Family and background

Stolypin was born in Dresden, Germany, on 14 April 1862, and was later baptized on 24 May in the Russian Orthodox Church in that city.[2] His father, Arkady Dmitrievich Stolypin (1821–99), was at the time a Russian envoy in Germany.

Stolypin's family was prominent in the Russian aristocracy, his forebears having served the tsars since the 16th century, and as a reward for their service had accumulated huge estates in several provinces. His father Arkady Dmitrievich Stolypin (1821–99), was a general in the Russian artillery, the governor of Eastern Rumelia and commandant of the Kremlin Palace guard. He was married twice. His second wife, Natalia Mikhailovna Stolypina (née Gorchakova; 1827–89), was the daughter of Prince Mikhail Dmitrievich Gorchakov, the Commanding general of the Russian infantry during the Crimean War and later the governor general of Warsaw.

Photo of 14-year-old Stolypin
Photo of 14-year-old Stolypin

Pyotr grew up on the family estate Serednikovo, once inhabited by Mikhail Lermontov, and near Moscow. From 1869, Stolypin spent his childhood years in Kalnaberžė manor (now Kėdainiai district of Lithuania), built by his father, a place that remained his favorite residence for the rest of life.[3] In 1876, the Stolypin family moved to Vilnius (now the capital of Lithuania), where he attended grammar school. In 1879 the family moved to Oryol. Stolypin and his brother Aleksandr studied at the Oryol Boys College where he was described by his teacher, B. Fedorova, as ‘standing out among his peers for his rationalism and character.’[4]

In 1881 Stolypin studied agriculture at St. Petersburg University where one of his teachers was Dmitri Mendeleev.[5] He entered government service upon graduating in 1885, writing his thesis on tobacco growing in the south of Russia. It is unclear if he joined the Ministry of State Property or Internal Affairs.
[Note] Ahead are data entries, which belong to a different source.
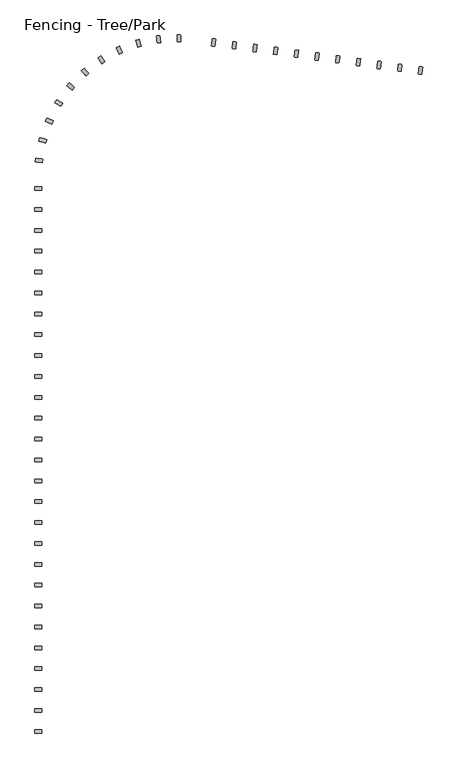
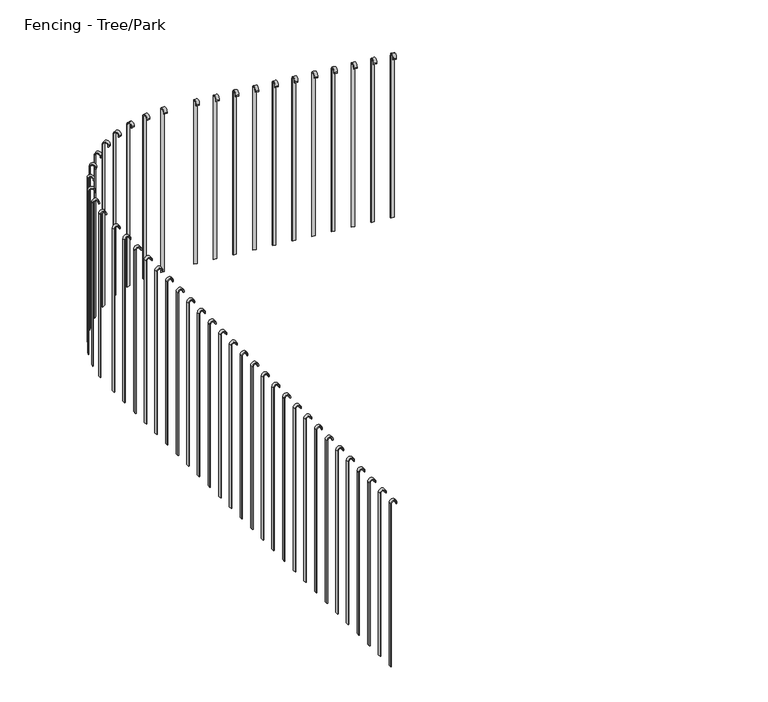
"""IFC4 building model written with IfcOpenShell, lengths in millimetres: railing geometry, Fencing - Tree/Park."""

from ifc_helpers import new_model, si_unit, point, frame, frame_2d, origin, place, context, project, spatial, polyline, circle_curve, trimmed, segment, composite_curve, outline, extrude, source, transform, mapped, element, save


def fencing_tree_park_2f6e36ae(model_context):
    return source(origin(), model_context, "Body", "SweptSolid", [
        extrude(outline(composite_curve([segment(polyline([(4250.0, -12895.5232368), (2850.0, -12895.5232368), (2850.0, -12890.5232368), (4250.0, -12890.5232368)]), True, "CONTINUOUS"), segment(trimmed(circle_curve(frame_2d((4250.0, -12870.5232368)), 20.0), [point((4250.0, -12890.5232368))], [point((4250.0, -12850.5232368))], True, "CARTESIAN"), True, "CONTINUOUS"), segment(polyline([(4250.0, -12850.5232368), (4240.0, -12850.5232368), (4240.0, -12845.5232368), (4250.0, -12845.5232368)]), True, "CONTINUOUS"), segment(trimmed(circle_curve(frame_2d((4250.0, -12870.5232368)), 25.0), [point((4250.0, -12845.5232368))], [point((4250.0, -12895.5232368))], False, "CARTESIAN"), True, "CONTINUOUS")], self_intersect=False)), frame((0.0, 7287.7905414, 0.0), z_axis=(0.0, 1.0, 0.0), x_axis=(0.0, 0.0, 1.0)), (0.0, 0.0, 1.0), 25.0),
        extrude(outline(composite_curve([segment(polyline([(4250.0, -12895.5232368), (2850.0, -12895.5232368), (2850.0, -12890.5232368), (4250.0, -12890.5232368)]), True, "CONTINUOUS"), segment(trimmed(circle_curve(frame_2d((4250.0, -12870.5232368)), 20.0), [point((4250.0, -12890.5232368))], [point((4250.0, -12850.5232368))], True, "CARTESIAN"), True, "CONTINUOUS"), segment(polyline([(4250.0, -12850.5232368), (4240.0, -12850.5232368), (4240.0, -12845.5232368), (4250.0, -12845.5232368)]), True, "CONTINUOUS"), segment(trimmed(circle_curve(frame_2d((4250.0, -12870.5232368)), 25.0), [point((4250.0, -12845.5232368))], [point((4250.0, -12895.5232368))], False, "CARTESIAN"), True, "CONTINUOUS")], self_intersect=False)), frame((0.0, 7437.7905414, 0.0), z_axis=(0.0, 1.0, 0.0), x_axis=(0.0, 0.0, 1.0)), (0.0, 0.0, 1.0), 25.0),
        extrude(outline(composite_curve([segment(polyline([(4250.0, -12895.5232368), (2850.0, -12895.5232368), (2850.0, -12890.5232368), (4250.0, -12890.5232368)]), True, "CONTINUOUS"), segment(trimmed(circle_curve(frame_2d((4250.0, -12870.5232368)), 20.0), [point((4250.0, -12890.5232368))], [point((4250.0, -12850.5232368))], True, "CARTESIAN"), True, "CONTINUOUS"), segment(polyline([(4250.0, -12850.5232368), (4240.0, -12850.5232368), (4240.0, -12845.5232368), (4250.0, -12845.5232368)]), True, "CONTINUOUS"), segment(trimmed(circle_curve(frame_2d((4250.0, -12870.5232368)), 25.0), [point((4250.0, -12845.5232368))], [point((4250.0, -12895.5232368))], False, "CARTESIAN"), True, "CONTINUOUS")], self_intersect=False)), frame((0.0, 7587.7905414, 0.0), z_axis=(0.0, 1.0, 0.0), x_axis=(0.0, 0.0, 1.0)), (0.0, 0.0, 1.0), 25.0),
        extrude(outline(composite_curve([segment(polyline([(4250.0, -12895.5232368), (2850.0, -12895.5232368), (2850.0, -12890.5232368), (4250.0, -12890.5232368)]), True, "CONTINUOUS"), segment(trimmed(circle_curve(frame_2d((4250.0, -12870.5232368)), 20.0), [point((4250.0, -12890.5232368))], [point((4250.0, -12850.5232368))], True, "CARTESIAN"), True, "CONTINUOUS"), segment(polyline([(4250.0, -12850.5232368), (4240.0, -12850.5232368), (4240.0, -12845.5232368), (4250.0, -12845.5232368)]), True, "CONTINUOUS"), segment(trimmed(circle_curve(frame_2d((4250.0, -12870.5232368)), 25.0), [point((4250.0, -12845.5232368))], [point((4250.0, -12895.5232368))], False, "CARTESIAN"), True, "CONTINUOUS")], self_intersect=False)), frame((0.0, 7737.7905414, 0.0), z_axis=(0.0, 1.0, 0.0), x_axis=(0.0, 0.0, 1.0)), (0.0, 0.0, 1.0), 25.0),
        extrude(outline(composite_curve([segment(polyline([(4250.0, -12895.5232368), (2850.0, -12895.5232368), (2850.0, -12890.5232368), (4250.0, -12890.5232368)]), True, "CONTINUOUS"), segment(trimmed(circle_curve(frame_2d((4250.0, -12870.5232368)), 20.0), [point((4250.0, -12890.5232368))], [point((4250.0, -12850.5232368))], True, "CARTESIAN"), True, "CONTINUOUS"), segment(polyline([(4250.0, -12850.5232368), (4240.0, -12850.5232368), (4240.0, -12845.5232368), (4250.0, -12845.5232368)]), True, "CONTINUOUS"), segment(trimmed(circle_curve(frame_2d((4250.0, -12870.5232368)), 25.0), [point((4250.0, -12845.5232368))], [point((4250.0, -12895.5232368))], False, "CARTESIAN"), True, "CONTINUOUS")], self_intersect=False)), frame((0.0, 7887.7905414, 0.0), z_axis=(0.0, 1.0, 0.0), x_axis=(0.0, 0.0, 1.0)), (0.0, 0.0, 1.0), 25.0),
        extrude(outline(composite_curve([segment(polyline([(4250.0, -12895.5232368), (2850.0, -12895.5232368), (2850.0, -12890.5232368), (4250.0, -12890.5232368)]), True, "CONTINUOUS"), segment(trimmed(circle_curve(frame_2d((4250.0, -12870.5232368)), 20.0), [point((4250.0, -12890.5232368))], [point((4250.0, -12850.5232368))], True, "CARTESIAN"), True, "CONTINUOUS"), segment(polyline([(4250.0, -12850.5232368), (4240.0, -12850.5232368), (4240.0, -12845.5232368), (4250.0, -12845.5232368)]), True, "CONTINUOUS"), segment(trimmed(circle_curve(frame_2d((4250.0, -12870.5232368)), 25.0), [point((4250.0, -12845.5232368))], [point((4250.0, -12895.5232368))], False, "CARTESIAN"), True, "CONTINUOUS")], self_intersect=False)), frame((0.0, 8037.7905414, 0.0), z_axis=(0.0, 1.0, 0.0), x_axis=(0.0, 0.0, 1.0)), (0.0, 0.0, 1.0), 25.0),
        extrude(outline(composite_curve([segment(polyline([(4250.0, -12895.5232368), (2850.0, -12895.5232368), (2850.0, -12890.5232368), (4250.0, -12890.5232368)]), True, "CONTINUOUS"), segment(trimmed(circle_curve(frame_2d((4250.0, -12870.5232368)), 20.0), [point((4250.0, -12890.5232368))], [point((4250.0, -12850.5232368))], True, "CARTESIAN"), True, "CONTINUOUS"), segment(polyline([(4250.0, -12850.5232368), (4240.0, -12850.5232368), (4240.0, -12845.5232368), (4250.0, -12845.5232368)]), True, "CONTINUOUS"), segment(trimmed(circle_curve(frame_2d((4250.0, -12870.5232368)), 25.0), [point((4250.0, -12845.5232368))], [point((4250.0, -12895.5232368))], False, "CARTESIAN"), True, "CONTINUOUS")], self_intersect=False)), frame((0.0, 8187.7905414, 0.0), z_axis=(0.0, 1.0, 0.0), x_axis=(0.0, 0.0, 1.0)), (0.0, 0.0, 1.0), 25.0),
        extrude(outline(composite_curve([segment(polyline([(4250.0, -12895.5232368), (2850.0, -12895.5232368), (2850.0, -12890.5232368), (4250.0, -12890.5232368)]), True, "CONTINUOUS"), segment(trimmed(circle_curve(frame_2d((4250.0, -12870.5232368)), 20.0), [point((4250.0, -12890.5232368))], [point((4250.0, -12850.5232368))], True, "CARTESIAN"), True, "CONTINUOUS"), segment(polyline([(4250.0, -12850.5232368), (4240.0, -12850.5232368), (4240.0, -12845.5232368), (4250.0, -12845.5232368)]), True, "CONTINUOUS"), segment(trimmed(circle_curve(frame_2d((4250.0, -12870.5232368)), 25.0), [point((4250.0, -12845.5232368))], [point((4250.0, -12895.5232368))], False, "CARTESIAN"), True, "CONTINUOUS")], self_intersect=False)), frame((0.0, 8337.7905414, 0.0), z_axis=(0.0, 1.0, 0.0), x_axis=(0.0, 0.0, 1.0)), (0.0, 0.0, 1.0), 25.0),
        extrude(outline(composite_curve([segment(polyline([(4250.0, -12895.5232368), (2850.0, -12895.5232368), (2850.0, -12890.5232368), (4250.0, -12890.5232368)]), True, "CONTINUOUS"), segment(trimmed(circle_curve(frame_2d((4250.0, -12870.5232368)), 20.0), [point((4250.0, -12890.5232368))], [point((4250.0, -12850.5232368))], True, "CARTESIAN"), True, "CONTINUOUS"), segment(polyline([(4250.0, -12850.5232368), (4240.0, -12850.5232368), (4240.0, -12845.5232368), (4250.0, -12845.5232368)]), True, "CONTINUOUS"), segment(trimmed(circle_curve(frame_2d((4250.0, -12870.5232368)), 25.0), [point((4250.0, -12845.5232368))], [point((4250.0, -12895.5232368))], False, "CARTESIAN"), True, "CONTINUOUS")], self_intersect=False)), frame((0.0, 8487.7905414, 0.0), z_axis=(0.0, 1.0, 0.0), x_axis=(0.0, 0.0, 1.0)), (0.0, 0.0, 1.0), 25.0),
        extrude(outline(composite_curve([segment(polyline([(4250.0, -12895.5232368), (2850.0, -12895.5232368), (2850.0, -12890.5232368), (4250.0, -12890.5232368)]), True, "CONTINUOUS"), segment(trimmed(circle_curve(frame_2d((4250.0, -12870.5232368)), 20.0), [point((4250.0, -12890.5232368))], [point((4250.0, -12850.5232368))], True, "CARTESIAN"), True, "CONTINUOUS"), segment(polyline([(4250.0, -12850.5232368), (4240.0, -12850.5232368), (4240.0, -12845.5232368), (4250.0, -12845.5232368)]), True, "CONTINUOUS"), segment(trimmed(circle_curve(frame_2d((4250.0, -12870.5232368)), 25.0), [point((4250.0, -12845.5232368))], [point((4250.0, -12895.5232368))], False, "CARTESIAN"), True, "CONTINUOUS")], self_intersect=False)), frame((0.0, 8637.7905414, 0.0), z_axis=(0.0, 1.0, 0.0), x_axis=(0.0, 0.0, 1.0)), (0.0, 0.0, 1.0), 25.0),
        extrude(outline(composite_curve([segment(polyline([(4250.0, -12895.5232368), (2850.0, -12895.5232368), (2850.0, -12890.5232368), (4250.0, -12890.5232368)]), True, "CONTINUOUS"), segment(trimmed(circle_curve(frame_2d((4250.0, -12870.5232368)), 20.0), [point((4250.0, -12890.5232368))], [point((4250.0, -12850.5232368))], True, "CARTESIAN"), True, "CONTINUOUS"), segment(polyline([(4250.0, -12850.5232368), (4240.0, -12850.5232368), (4240.0, -12845.5232368), (4250.0, -12845.5232368)]), True, "CONTINUOUS"), segment(trimmed(circle_curve(frame_2d((4250.0, -12870.5232368)), 25.0), [point((4250.0, -12845.5232368))], [point((4250.0, -12895.5232368))], False, "CARTESIAN"), True, "CONTINUOUS")], self_intersect=False)), frame((0.0, 8787.7905414, 0.0), z_axis=(0.0, 1.0, 0.0), x_axis=(0.0, 0.0, 1.0)), (0.0, 0.0, 1.0), 25.0),
        extrude(outline(composite_curve([segment(polyline([(4250.0, -12895.5232368), (2850.0, -12895.5232368), (2850.0, -12890.5232368), (4250.0, -12890.5232368)]), True, "CONTINUOUS"), segment(trimmed(circle_curve(frame_2d((4250.0, -12870.5232368)), 20.0), [point((4250.0, -12890.5232368))], [point((4250.0, -12850.5232368))], True, "CARTESIAN"), True, "CONTINUOUS"), segment(polyline([(4250.0, -12850.5232368), (4240.0, -12850.5232368), (4240.0, -12845.5232368), (4250.0, -12845.5232368)]), True, "CONTINUOUS"), segment(trimmed(circle_curve(frame_2d((4250.0, -12870.5232368)), 25.0), [point((4250.0, -12845.5232368))], [point((4250.0, -12895.5232368))], False, "CARTESIAN"), True, "CONTINUOUS")], self_intersect=False)), frame((0.0, 8937.7905414, 0.0), z_axis=(0.0, 1.0, 0.0), x_axis=(0.0, 0.0, 1.0)), (0.0, 0.0, 1.0), 25.0),
        extrude(outline(composite_curve([segment(polyline([(4250.0, -12895.5232368), (2850.0, -12895.5232368), (2850.0, -12890.5232368), (4250.0, -12890.5232368)]), True, "CONTINUOUS"), segment(trimmed(circle_curve(frame_2d((4250.0, -12870.5232368)), 20.0), [point((4250.0, -12890.5232368))], [point((4250.0, -12850.5232368))], True, "CARTESIAN"), True, "CONTINUOUS"), segment(polyline([(4250.0, -12850.5232368), (4240.0, -12850.5232368), (4240.0, -12845.5232368), (4250.0, -12845.5232368)]), True, "CONTINUOUS"), segment(trimmed(circle_curve(frame_2d((4250.0, -12870.5232368)), 25.0), [point((4250.0, -12845.5232368))], [point((4250.0, -12895.5232368))], False, "CARTESIAN"), True, "CONTINUOUS")], self_intersect=False)), frame((0.0, 9087.7905414, 0.0), z_axis=(0.0, 1.0, 0.0), x_axis=(0.0, 0.0, 1.0)), (0.0, 0.0, 1.0), 25.0),
        extrude(outline(composite_curve([segment(polyline([(4250.0, -12895.5232368), (2850.0, -12895.5232368), (2850.0, -12890.5232368), (4250.0, -12890.5232368)]), True, "CONTINUOUS"), segment(trimmed(circle_curve(frame_2d((4250.0, -12870.5232368)), 20.0), [point((4250.0, -12890.5232368))], [point((4250.0, -12850.5232368))], True, "CARTESIAN"), True, "CONTINUOUS"), segment(polyline([(4250.0, -12850.5232368), (4240.0, -12850.5232368), (4240.0, -12845.5232368), (4250.0, -12845.5232368)]), True, "CONTINUOUS"), segment(trimmed(circle_curve(frame_2d((4250.0, -12870.5232368)), 25.0), [point((4250.0, -12845.5232368))], [point((4250.0, -12895.5232368))], False, "CARTESIAN"), True, "CONTINUOUS")], self_intersect=False)), frame((0.0, 9237.7905414, 0.0), z_axis=(0.0, 1.0, 0.0), x_axis=(0.0, 0.0, 1.0)), (0.0, 0.0, 1.0), 25.0),
        extrude(outline(composite_curve([segment(polyline([(4250.0, -12895.5232368), (2850.0, -12895.5232368), (2850.0, -12890.5232368), (4250.0, -12890.5232368)]), True, "CONTINUOUS"), segment(trimmed(circle_curve(frame_2d((4250.0, -12870.5232368)), 20.0), [point((4250.0, -12890.5232368))], [point((4250.0, -12850.5232368))], True, "CARTESIAN"), True, "CONTINUOUS"), segment(polyline([(4250.0, -12850.5232368), (4240.0, -12850.5232368), (4240.0, -12845.5232368), (4250.0, -12845.5232368)]), True, "CONTINUOUS"), segment(trimmed(circle_curve(frame_2d((4250.0, -12870.5232368)), 25.0), [point((4250.0, -12845.5232368))], [point((4250.0, -12895.5232368))], False, "CARTESIAN"), True, "CONTINUOUS")], self_intersect=False)), frame((0.0, 9387.7905414, 0.0), z_axis=(0.0, 1.0, 0.0), x_axis=(0.0, 0.0, 1.0)), (0.0, 0.0, 1.0), 25.0),
        extrude(outline(composite_curve([segment(polyline([(4250.0, -12895.5232368), (2850.0, -12895.5232368), (2850.0, -12890.5232368), (4250.0, -12890.5232368)]), True, "CONTINUOUS"), segment(trimmed(circle_curve(frame_2d((4250.0, -12870.5232368)), 20.0), [point((4250.0, -12890.5232368))], [point((4250.0, -12850.5232368))], True, "CARTESIAN"), True, "CONTINUOUS"), segment(polyline([(4250.0, -12850.5232368), (4240.0, -12850.5232368), (4240.0, -12845.5232368), (4250.0, -12845.5232368)]), True, "CONTINUOUS"), segment(trimmed(circle_curve(frame_2d((4250.0, -12870.5232368)), 25.0), [point((4250.0, -12845.5232368))], [point((4250.0, -12895.5232368))], False, "CARTESIAN"), True, "CONTINUOUS")], self_intersect=False)), frame((0.0, 9537.7905414, 0.0), z_axis=(0.0, 1.0, 0.0), x_axis=(0.0, 0.0, 1.0)), (0.0, 0.0, 1.0), 25.0),
        extrude(outline(composite_curve([segment(polyline([(4250.0, -12895.5232368), (2850.0, -12895.5232368), (2850.0, -12890.5232368), (4250.0, -12890.5232368)]), True, "CONTINUOUS"), segment(trimmed(circle_curve(frame_2d((4250.0, -12870.5232368)), 20.0), [point((4250.0, -12890.5232368))], [point((4250.0, -12850.5232368))], True, "CARTESIAN"), True, "CONTINUOUS"), segment(polyline([(4250.0, -12850.5232368), (4240.0, -12850.5232368), (4240.0, -12845.5232368), (4250.0, -12845.5232368)]), True, "CONTINUOUS"), segment(trimmed(circle_curve(frame_2d((4250.0, -12870.5232368)), 25.0), [point((4250.0, -12845.5232368))], [point((4250.0, -12895.5232368))], False, "CARTESIAN"), True, "CONTINUOUS")], self_intersect=False)), frame((0.0, 9687.7905414, 0.0), z_axis=(0.0, 1.0, 0.0), x_axis=(0.0, 0.0, 1.0)), (0.0, 0.0, 1.0), 25.0),
        extrude(outline(composite_curve([segment(polyline([(4250.0, -12895.5232368), (2850.0, -12895.5232368), (2850.0, -12890.5232368), (4250.0, -12890.5232368)]), True, "CONTINUOUS"), segment(trimmed(circle_curve(frame_2d((4250.0, -12870.5232368)), 20.0), [point((4250.0, -12890.5232368))], [point((4250.0, -12850.5232368))], True, "CARTESIAN"), True, "CONTINUOUS"), segment(polyline([(4250.0, -12850.5232368), (4240.0, -12850.5232368), (4240.0, -12845.5232368), (4250.0, -12845.5232368)]), True, "CONTINUOUS"), segment(trimmed(circle_curve(frame_2d((4250.0, -12870.5232368)), 25.0), [point((4250.0, -12845.5232368))], [point((4250.0, -12895.5232368))], False, "CARTESIAN"), True, "CONTINUOUS")], self_intersect=False)), frame((0.0, 9837.7905414, 0.0), z_axis=(0.0, 1.0, 0.0), x_axis=(0.0, 0.0, 1.0)), (0.0, 0.0, 1.0), 25.0),
        extrude(outline(composite_curve([segment(polyline([(4250.0, -12895.5232368), (2850.0, -12895.5232368), (2850.0, -12890.5232368), (4250.0, -12890.5232368)]), True, "CONTINUOUS"), segment(trimmed(circle_curve(frame_2d((4250.0, -12870.5232368)), 20.0), [point((4250.0, -12890.5232368))], [point((4250.0, -12850.5232368))], True, "CARTESIAN"), True, "CONTINUOUS"), segment(polyline([(4250.0, -12850.5232368), (4240.0, -12850.5232368), (4240.0, -12845.5232368), (4250.0, -12845.5232368)]), True, "CONTINUOUS"), segment(trimmed(circle_curve(frame_2d((4250.0, -12870.5232368)), 25.0), [point((4250.0, -12845.5232368))], [point((4250.0, -12895.5232368))], False, "CARTESIAN"), True, "CONTINUOUS")], self_intersect=False)), frame((0.0, 9987.7905414, 0.0), z_axis=(0.0, 1.0, 0.0), x_axis=(0.0, 0.0, 1.0)), (0.0, 0.0, 1.0), 25.0),
        extrude(outline(composite_curve([segment(polyline([(4250.0, -12895.5232368), (2850.0, -12895.5232368), (2850.0, -12890.5232368), (4250.0, -12890.5232368)]), True, "CONTINUOUS"), segment(trimmed(circle_curve(frame_2d((4250.0, -12870.5232368)), 20.0), [point((4250.0, -12890.5232368))], [point((4250.0, -12850.5232368))], True, "CARTESIAN"), True, "CONTINUOUS"), segment(polyline([(4250.0, -12850.5232368), (4240.0, -12850.5232368), (4240.0, -12845.5232368), (4250.0, -12845.5232368)]), True, "CONTINUOUS"), segment(trimmed(circle_curve(frame_2d((4250.0, -12870.5232368)), 25.0), [point((4250.0, -12845.5232368))], [point((4250.0, -12895.5232368))], False, "CARTESIAN"), True, "CONTINUOUS")], self_intersect=False)), frame((0.0, 10137.7905414, 0.0), z_axis=(0.0, 1.0, 0.0), x_axis=(0.0, 0.0, 1.0)), (0.0, 0.0, 1.0), 25.0),
        extrude(outline(composite_curve([segment(polyline([(4250.0, -12895.5232368), (2850.0, -12895.5232368), (2850.0, -12890.5232368), (4250.0, -12890.5232368)]), True, "CONTINUOUS"), segment(trimmed(circle_curve(frame_2d((4250.0, -12870.5232368)), 20.0), [point((4250.0, -12890.5232368))], [point((4250.0, -12850.5232368))], True, "CARTESIAN"), True, "CONTINUOUS"), segment(polyline([(4250.0, -12850.5232368), (4240.0, -12850.5232368), (4240.0, -12845.5232368), (4250.0, -12845.5232368)]), True, "CONTINUOUS"), segment(trimmed(circle_curve(frame_2d((4250.0, -12870.5232368)), 25.0), [point((4250.0, -12845.5232368))], [point((4250.0, -12895.5232368))], False, "CARTESIAN"), True, "CONTINUOUS")], self_intersect=False)), frame((0.0, 10287.7905414, 0.0), z_axis=(0.0, 1.0, 0.0), x_axis=(0.0, 0.0, 1.0)), (0.0, 0.0, 1.0), 25.0),
        extrude(outline(composite_curve([segment(polyline([(4250.0, -12895.5232368), (2850.0, -12895.5232368), (2850.0, -12890.5232368), (4250.0, -12890.5232368)]), True, "CONTINUOUS"), segment(trimmed(circle_curve(frame_2d((4250.0, -12870.5232368)), 20.0), [point((4250.0, -12890.5232368))], [point((4250.0, -12850.5232368))], True, "CARTESIAN"), True, "CONTINUOUS"), segment(polyline([(4250.0, -12850.5232368), (4240.0, -12850.5232368), (4240.0, -12845.5232368), (4250.0, -12845.5232368)]), True, "CONTINUOUS"), segment(trimmed(circle_curve(frame_2d((4250.0, -12870.5232368)), 25.0), [point((4250.0, -12845.5232368))], [point((4250.0, -12895.5232368))], False, "CARTESIAN"), True, "CONTINUOUS")], self_intersect=False)), frame((0.0, 10437.7905414, 0.0), z_axis=(0.0, 1.0, 0.0), x_axis=(0.0, 0.0, 1.0)), (0.0, 0.0, 1.0), 25.0),
        extrude(outline(composite_curve([segment(polyline([(4250.0, -12895.5232368), (2850.0, -12895.5232368), (2850.0, -12890.5232368), (4250.0, -12890.5232368)]), True, "CONTINUOUS"), segment(trimmed(circle_curve(frame_2d((4250.0, -12870.5232368)), 20.0), [point((4250.0, -12890.5232368))], [point((4250.0, -12850.5232368))], True, "CARTESIAN"), True, "CONTINUOUS"), segment(polyline([(4250.0, -12850.5232368), (4240.0, -12850.5232368), (4240.0, -12845.5232368), (4250.0, -12845.5232368)]), True, "CONTINUOUS"), segment(trimmed(circle_curve(frame_2d((4250.0, -12870.5232368)), 25.0), [point((4250.0, -12845.5232368))], [point((4250.0, -12895.5232368))], False, "CARTESIAN"), True, "CONTINUOUS")], self_intersect=False)), frame((0.0, 10587.7905414, 0.0), z_axis=(0.0, 1.0, 0.0), x_axis=(0.0, 0.0, 1.0)), (0.0, 0.0, 1.0), 25.0),
        extrude(outline(composite_curve([segment(polyline([(4250.0, -12895.5232368), (2850.0, -12895.5232368), (2850.0, -12890.5232368), (4250.0, -12890.5232368)]), True, "CONTINUOUS"), segment(trimmed(circle_curve(frame_2d((4250.0, -12870.5232368)), 20.0), [point((4250.0, -12890.5232368))], [point((4250.0, -12850.5232368))], True, "CARTESIAN"), True, "CONTINUOUS"), segment(polyline([(4250.0, -12850.5232368), (4240.0, -12850.5232368), (4240.0, -12845.5232368), (4250.0, -12845.5232368)]), True, "CONTINUOUS"), segment(trimmed(circle_curve(frame_2d((4250.0, -12870.5232368)), 25.0), [point((4250.0, -12845.5232368))], [point((4250.0, -12895.5232368))], False, "CARTESIAN"), True, "CONTINUOUS")], self_intersect=False)), frame((0.0, 10737.7905414, 0.0), z_axis=(0.0, 1.0, 0.0), x_axis=(0.0, 0.0, 1.0)), (0.0, 0.0, 1.0), 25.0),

Stolypin served as marshal of the Kovno (now Kaunas, Lithuania) Governorate between 1889 and 1902. This public service gave him an inside view of local needs and allowed him to develop administrative skills [6]. His thinking was influenced by the single-family farmstead system of the Northwestern Krai, and he later sought to introduce the land reform based on private ownership throughout the Russian Empire.[7]

Stolypin’s service in Kovno was deemed a success by the Russian government. He was promoted seven times, culminating in his promotion to the rank of state councilor in 1901. Four of his daughters were also born during this period; his daughter Maria recalled: “this was the most calm period his life”.[5]

In 1884, Stolypin married Olga Borisovna Neidhart – whose family was of a similar standing to Stolypin’s.[8] They married whilst Stolypin was still a student – an uncommon occurrence at the time. The marriage began in tragic circumstances; Olga had been engaged to Stolypin’s brother, Mikhail, but became engaged to Stolypin following Mikhail’s death in a duel. Their marriage was a happy one, devoid of scandal; the couple had five daughters and one son.[9]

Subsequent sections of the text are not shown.